Q. Does your work require you to spend much time onsite at Paranal Observatory? What is it like to work and sleep in the Atacama Desert?
A. I live in Santiago, the capital of Chile, and travel to Paranal about once a month to support not just UVES, ESPRESSO and X-Shooter but also the FLAMES spectrograph. In the Atacama Desert, where the telescopes are situated, it is very hot during the day from the direct sunlight, and dry all the time; together with the red-coloured mountains this makes it feel like living on Mars!
Fortunately, the lack of humidity doesn't affect my sleep (partly because my home town is very cold and dry in winter so I'm somewhat used to dealing with dry environments). However, there is always some effective “jet lag” when changing from regular day-life to astronomer night-life, which takes some getting used to every trip. This affects my sleeping schedule, as well as how well I am able to think late into the night!

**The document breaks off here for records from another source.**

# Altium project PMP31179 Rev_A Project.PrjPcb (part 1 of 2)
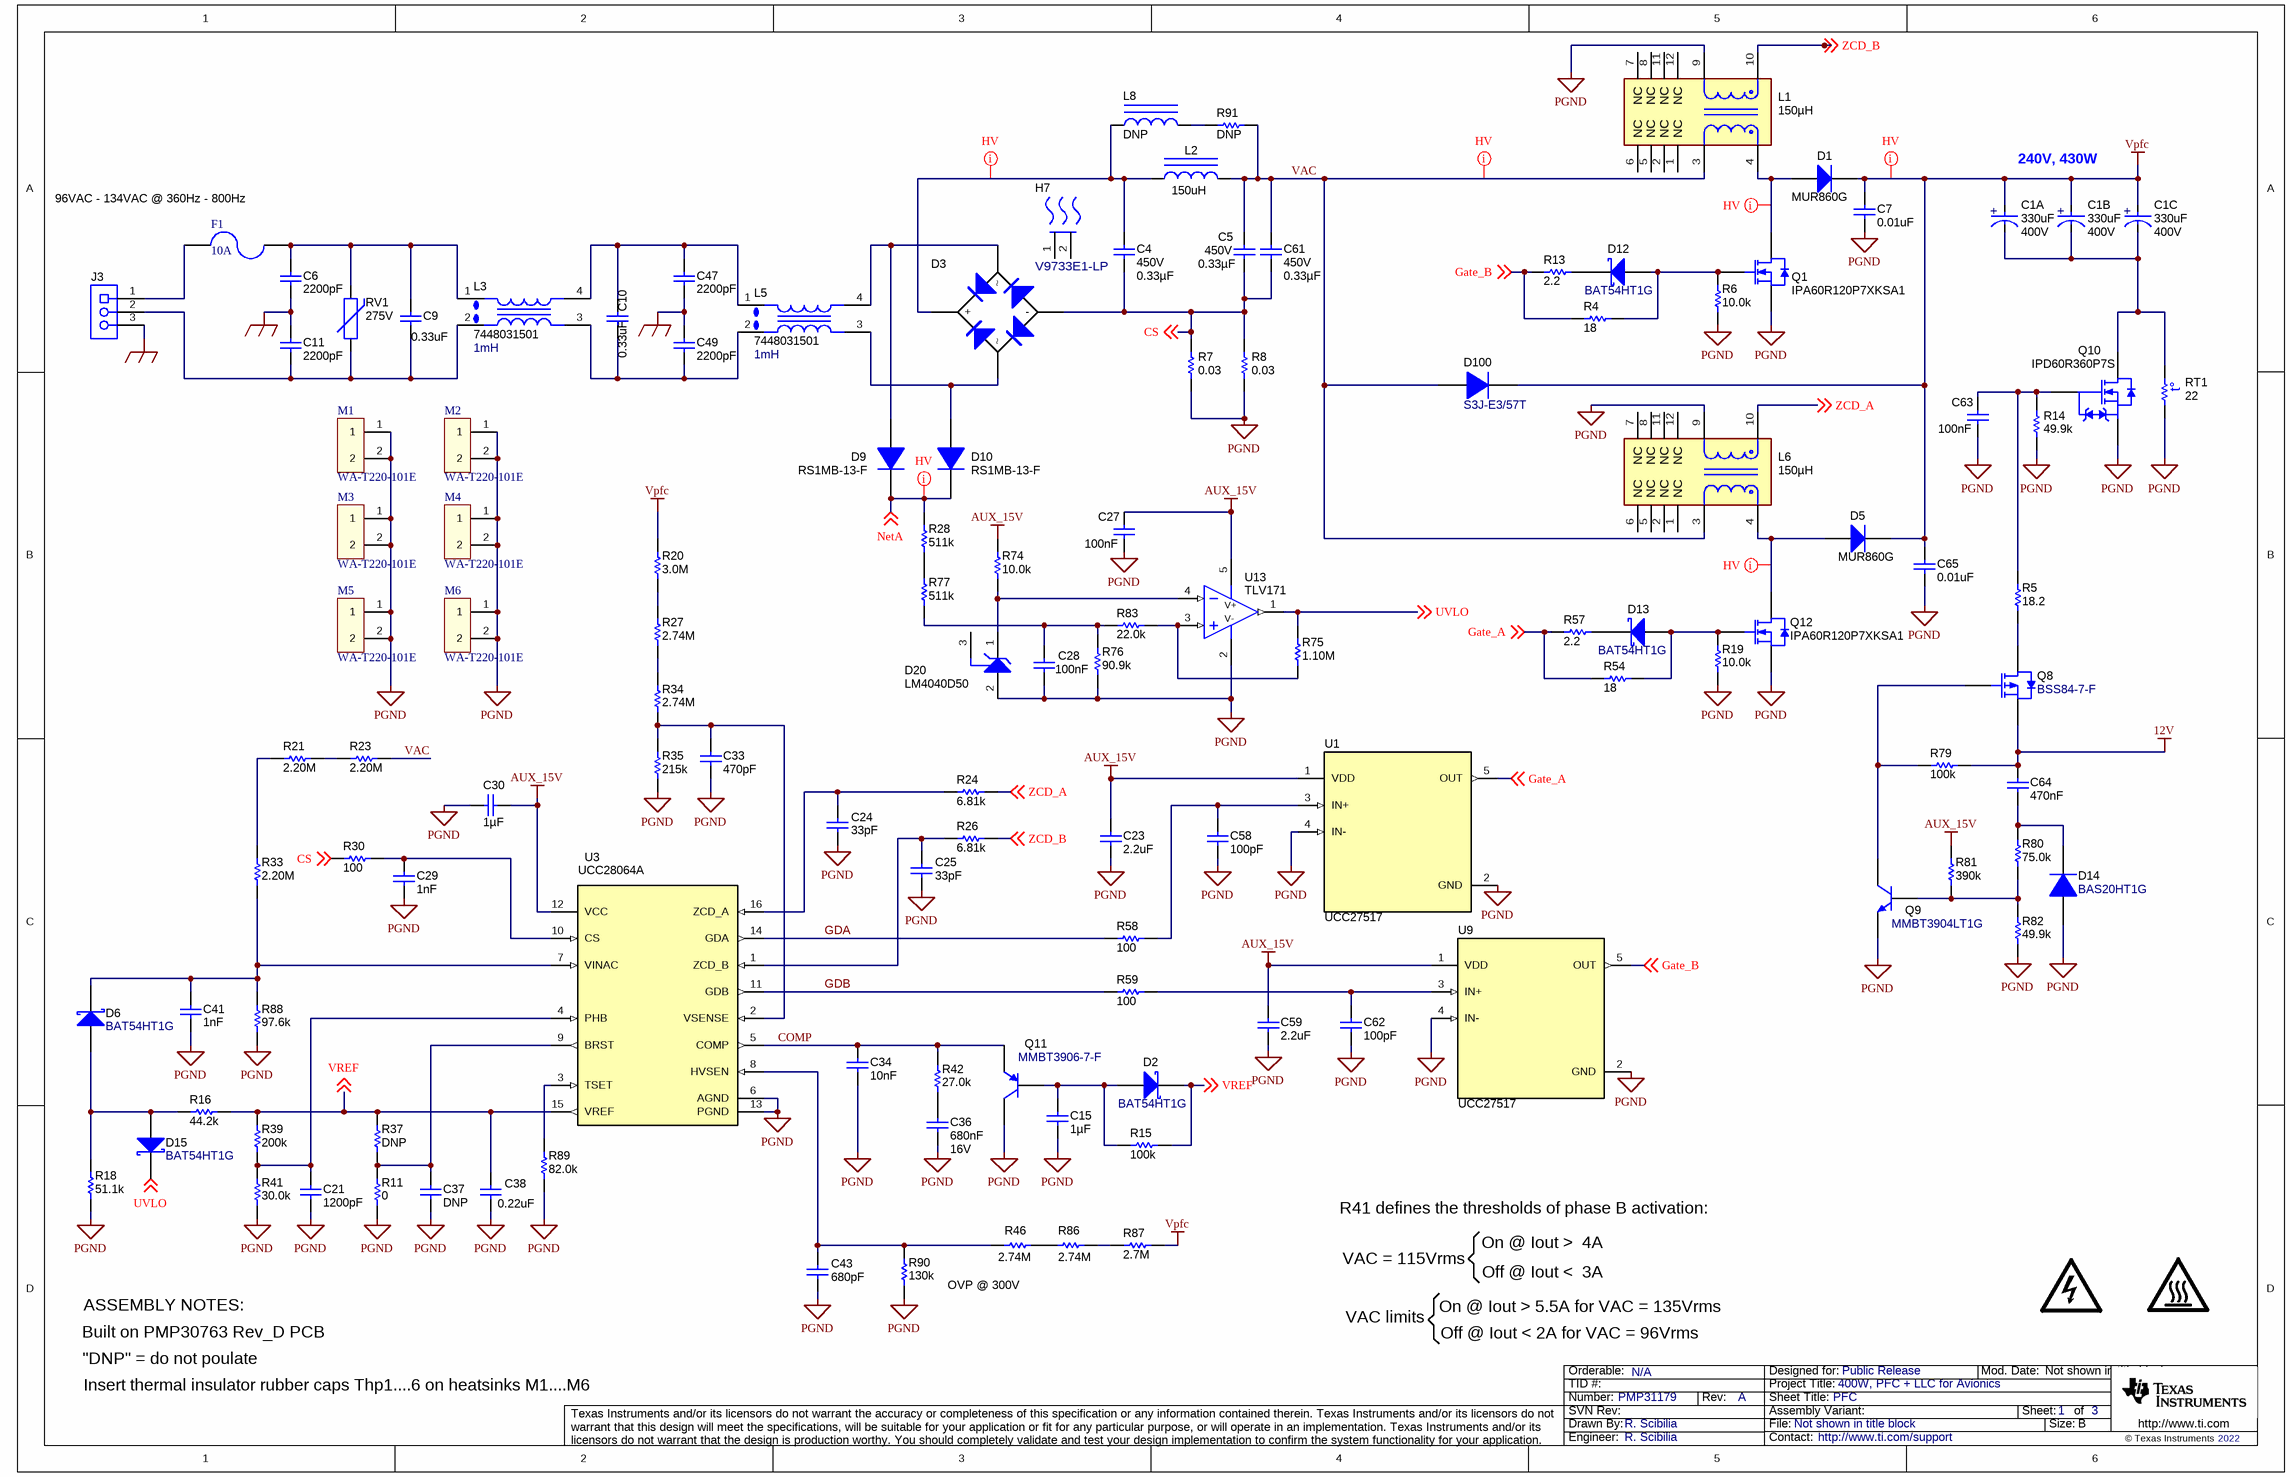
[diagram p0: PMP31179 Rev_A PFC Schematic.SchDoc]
TechSupport: http://www.ti.com/support; SCH_Rev: A; PRJ_Title: 400W, PFC + LLC for Avionics; PRJ_Number: PMP31179; PRJ_Engineer: R. Scibilia; PRJ_Customer: Public Release; PCB_Rev: D; PCB_Layout: PMP30763; EVM_orderable: N/A; CopyrightYear: 2022
3 sheets, 259 parts. Net scope: global (net labels, ports and power ports of the same name join across sheets).
Board file: PMP31179 Rev_A_board.PcbDoc
Sheets:
  PMP31179 Rev_A PFC Schematic.SchDoc
  PMP31179 Rev_A LLC Schematic.SchDoc
  PMP31179 Rev_A Hardware.SchDoc

## Sheet PMP31179 Rev_A PFC Schematic.SchDoc: PFC
size 431 x 279 mm; Date: Not shown in title block; ApprovedBy: Not shown in title block; CheckedBy: Not shown in title block; Author: Not shown in title block; CompanyName: Not shown in title block; DrawnBy: R. Scibilia; Engineer: R. Scibilia; Organization: Not shown in title block; Address1: Not shown in title block; Address2: Not shown in title block; Address3: Not shown in title block; Address4: Not shown in title block; DocumentNumber: 1; Revision: Use project parameter SCH_Rev; SheetNumber: 1; SheetTotal: 3; PageSetup: Record=PageOptions¦CenterHorizontal=True¦CenterVertical=True¦PrintScale=1.00¦XCorrection=1.00¦YCorrection=1.00¦PrintKind=0¦BorderSize=5000000¦LeftOffset=0¦BottomOffset=0¦Orientation=2¦PaperLength=1000¦PaperWidth=1000¦Scale=100¦PaperSource=15¦PrintQuality=600¦MediaType=1¦DitherType=10¦PaperKind=Letter¦PrintScaleMode=1

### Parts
(Parts that share a designator on the sheet are numbered #1, #2 ... from top to bottom, then left to right.)
C1A  VDC_V: 400V  ValueDisplayed: 330uF  [FP-ESMR451VSN221MR25S_RADIAL-MFG]  (hidden comment: 861011385023)
C1B  VDC_V: 400V  ValueDisplayed: 330uF  [FP-ESMR451VSN221MR25S_RADIAL-MFG]  (hidden comment: 861011385023)
C1C  VDC_V: 400V  ValueDisplayed: 330uF  [FP-ESMR451VSN221MR25S_RADIAL-MFG]  (hidden comment: 861011385023)
C4  VDC_V: 450V  ValueDisplayed: 0.33µF  [R46_1300x1200x600]  (hidden comment: ECW-FE2W334K)
C5  VDC_V: 450V  ValueDisplayed: 0.33µF  [R46_1300x1200x600]  (hidden comment: ECW-FE2W334K)
C6  ValueDisplayed: 2200pF  [AY2_950x500_Straight]  (hidden comment: Capacitor)
C7  ValueDisplayed: 0.01uF  [1210]  (hidden comment: 885342208009)
C9  ValueDisplayed: 0.33uF  [B32922_14.5mm]  (hidden comment: Capacitor)
C10  ValueDisplayed: 0.33uF  [B32922_14.5mm]  (hidden comment: Capacitor)
C11  ValueDisplayed: 2200pF  [AY2_950x500_Straight]  (hidden comment: Capacitor)
C15  Cap_F: 1µF  [0603]  (hidden comment: 885012206076)
C21  value 1200pF  [0603]  (hidden comment: GRM1885C1H122JA01D)
C23  value 2.2uF  [0805_150]  (hidden comment: 885012207079)
C24  ValueDisplayed: 33pF  [0603]  (hidden comment: 885012006054)
C25  ValueDisplayed: 33pF  [0603]  (hidden comment: 885012006054)
C27  Cap_F: 100nF  [0603]  (hidden comment: 885012206095)
C28  Cap_F: 100nF  [0603]  (hidden comment: 885012206095)
C29  Cap_F: 1nF  [0603]  (hidden comment: 885012206083)
C30  Cap_F: 1µF  [0603]  (hidden comment: 885012206076)
C33  ValueDisplayed: 470pF  [0603]  (hidden comment: 885012006061)
C34  Cap_F: 10nF  [0603]  (hidden comment: 885012206040)
C36  Cap_F: 680nF  VDC_V: 16V  [0603]  (hidden comment: CL10B684KO8NFNC)
C37  DNP  [0603]
C38  ValueDisplayed: 0.22uF  [0603]  (hidden comment: GRM188R71H224KAC4D)
C41  Cap_F: 1nF  [0603]  (hidden comment: 885012206108)
C43  ValueDisplayed: 680pF  [0603]  (hidden comment: Capacitor)
C47  ValueDisplayed: 2200pF  [AY2_950x500_Straight]  (hidden comment: Capacitor)
C49  ValueDisplayed: 2200pF  [AY2_950x500_Straight]  (hidden comment: Capacitor)
C58  ValueDisplayed: 100pF  [0603]  (hidden comment: 885012006057)
C59  value 2.2uF  [0805_150]  (hidden comment: 885012207079)
C61  VDC_V: 450V  ValueDisplayed: 0.33µF  [R46_1300x1200x600]  (hidden comment: ECW-FE2W334K)
C62  ValueDisplayed: 100pF  [0603]  (hidden comment: 885012006057)
C63  Cap_F: 100nF  [0603]  (hidden comment: 885012206095)
C64  Cap_F: 470nF  [0805_HV]  (hidden comment: 885012207102)
C65  ValueDisplayed: 0.01uF  [1210]  (hidden comment: 885342208009)
D1  MUR860G  [TO-220AC]
D2  BAT54HT1G  [SOD-323]
D3  GBU2510-G  [GBU]  (value not drawn)
D5  MUR860G  [TO-220AC]
D6  BAT54HT1G  [SOD-323]
D9  Value1: RS1MB-13-F  [SMB]  (hidden comment: DIODE)
D10  Value1: RS1MB-13-F  [SMB]  (hidden comment: DIODE)
D12  BAT54HT1G  [SOD-323]
D13  BAT54HT1G  [SOD-323]
D14  BAS20HT1G  [SOD-323]
D15  BAT54HT1G  [SOD-323]
D20  value LM4040D50  [DBZ0003A_N]  (hidden comment: LM4040D50QDBZR)
D100  S3J-E3/57T  [SMC]
F1  value 10A  [FUSE_38321000000]  (hidden comment: 38321000000)
H7  V9733E1-LP  [FP-V9733E1-LP_THERMAL_HEATSINK_25MM0_42MM0-MFG]
J3  691213510003  [On-Shore_ED120_3DS]  (value not drawn)
L1  value 150µH  [FP-750318973r00_PTH_30MM35_29MM2-MFG]  (hidden comment: 750318973r00)
L2  ValueDisplayed: 150uH  [WE-FI_2750x1300]  (hidden comment: 7447076)
L3  7448031501  value 1mH  [WURTH_7448031501]
L5  7448031501  value 1mH  [WURTH_7448031501]
L6  value 150µH  [FP-750318973r00_PTH_30MM35_29MM2-MFG]  (hidden comment: 750318973r00)
L8  DNP  [WE-PD4-S]
LOGO?#1  DANGER HIGH VOLTAGE  [IEC_HighVoltage_Small]  (value not drawn)  (graphical)
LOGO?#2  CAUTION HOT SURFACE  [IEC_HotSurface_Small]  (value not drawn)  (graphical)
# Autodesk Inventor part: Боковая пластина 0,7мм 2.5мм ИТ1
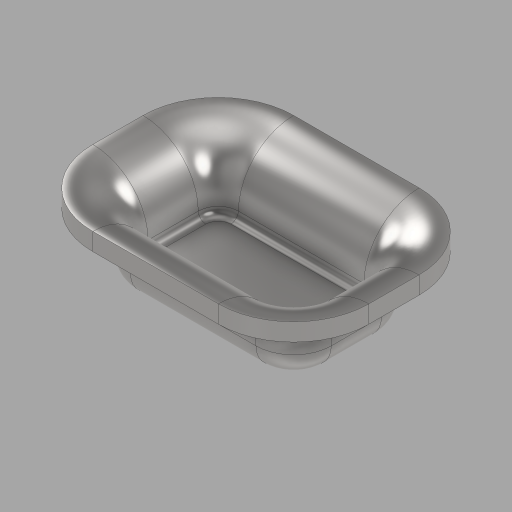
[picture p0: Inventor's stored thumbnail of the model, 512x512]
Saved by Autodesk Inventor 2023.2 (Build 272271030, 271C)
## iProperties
Created: 2025-02
Part Number: Боковая пластина 0,7мм 2.5мм ИТ1
Material: Типовые
Document SubType Name: Modeling
Designer: Артур
Density: 1 g/cm^3
Appearance: По умолчанию
Author: Артур
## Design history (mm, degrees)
sketch "Эскиз1"
  geometry: L1 (-2.5, 2.5)-(2.5, 2.5); L2 (4, 1)-(4, -1); L3 (2.5, -2.5)-(-2.5, -2.5); L4 (-4, -1)-(-4, 1); L5 (-4, 2.5)-(4, -2.5); L6 (4, 2.5)-(-4, -2.5); L7 (2.5, 4)-(-2.5, 4); L8 (-5.5, 1)-(-5.5, -1); L9 (-2.5, -4)-(2.5, -4); L10 (5.5, -1)-(5.5, 1); A1 r 1.5 centre (2.5, 1) between (4, 1) and (2.5, 2.5); A2 r 1.5 centre (2.5, -1) between (2.5, -2.5) and (4, -1); A3 r 1.5 centre (-2.5, -1) between (-4, -1) and (-2.5, -2.5); A4 r 1.5 centre (-2.5, 1) between (-2.5, 2.5) and (-4, 1); A5 r 3 centre (-2.5, 1) between (-2.5, 4) and (-5.5, 1); A6 r 3 centre (-2.5, -1) between (-5.5, -1) and (-2.5, -4); A7 r 3 centre (2.5, -1) between (2.5, -4) and (5.5, -1); A8 r 3 centre (2.5, 1) between (5.5, 1) and (2.5, 4); 2 further points
  constraints: 20 end point, 16 point on circle, 8 centre point, 8 point on line, 8 tangent, 4 parallel, 3 equal radius, 3 midpoint, 2 perpendicular, 1 horizontal, 7 other
  dimensions: "d0" = 8 distance of L5.end L6.end; "d1" = 5 distance of L6.start L5.end; "d2" = 1.5 radius of A1; "d3" = 1.5 radial gap between concentric circles of A1 A8; "d11" = 11 distance from line of point (-5.5, 0) L10 (derived)
extrude "Выдавливание1" new body sketch "Эскиз1" distance "d4" = 0.7; taper "d5" = 0 deg
extrude "Выдавливание2" join sketch "Эскиз1" distance "d6" = 2.5; taper "d7" = 0 deg
fillet "Сопряжение1" dims "d8" = 1.5
fillet "Сопряжение2" dims "d9" = 1
feature "Удаление грани1"
feature "Удаление грани2"
feature "Толщина1" dims "d10" = 0.7
node "Твердое тело1"

Q. What made you want to become an astronomer?
A. Growing up, I always had an affinity for maths and science, but it wasn't until reading and watching 2001: A Space Odyssey and doing some follow-up research up on Saturn and Jupiter and their moons that I became fascinated with Europa and its potential to host life. After that, I wanted to study astronomy and geophysics at university; and in the end astronomy won out.
Q. What is your favourite thing about being an astronomer?
A. I enjoy the challenge of finding different ways to approach unknown questions, and designing methods to properly address those questions. In astronomy, the galaxy evolution processes are typical much longer than a human lifetime, so we have the additional challenge of designing observational experiments to studying events that are effectively frozen in one instance of their lives.
Q. What five words would you use to describe the life of an astronomer?
A. This may be a bit cliche, but I would say: investigating, programming, googling, communicating, and demanding.
Biography Trystyn Berg
Originally from Edmonton, Canada, Trystyn did all of his post-secondary education at the University of Victoria, getting his PhD in 2018 under the supervision of Dr. Sara Ellison. Throughout his studies (particularly as an undergraduate), Trystyn gained experience working at various observatories and has been involved with software development for several upcoming instruments, something he is hoping to build upon at ESO. When not working, Trystyn always seems to end up curling, hiking, golfing, or just playing board games at home.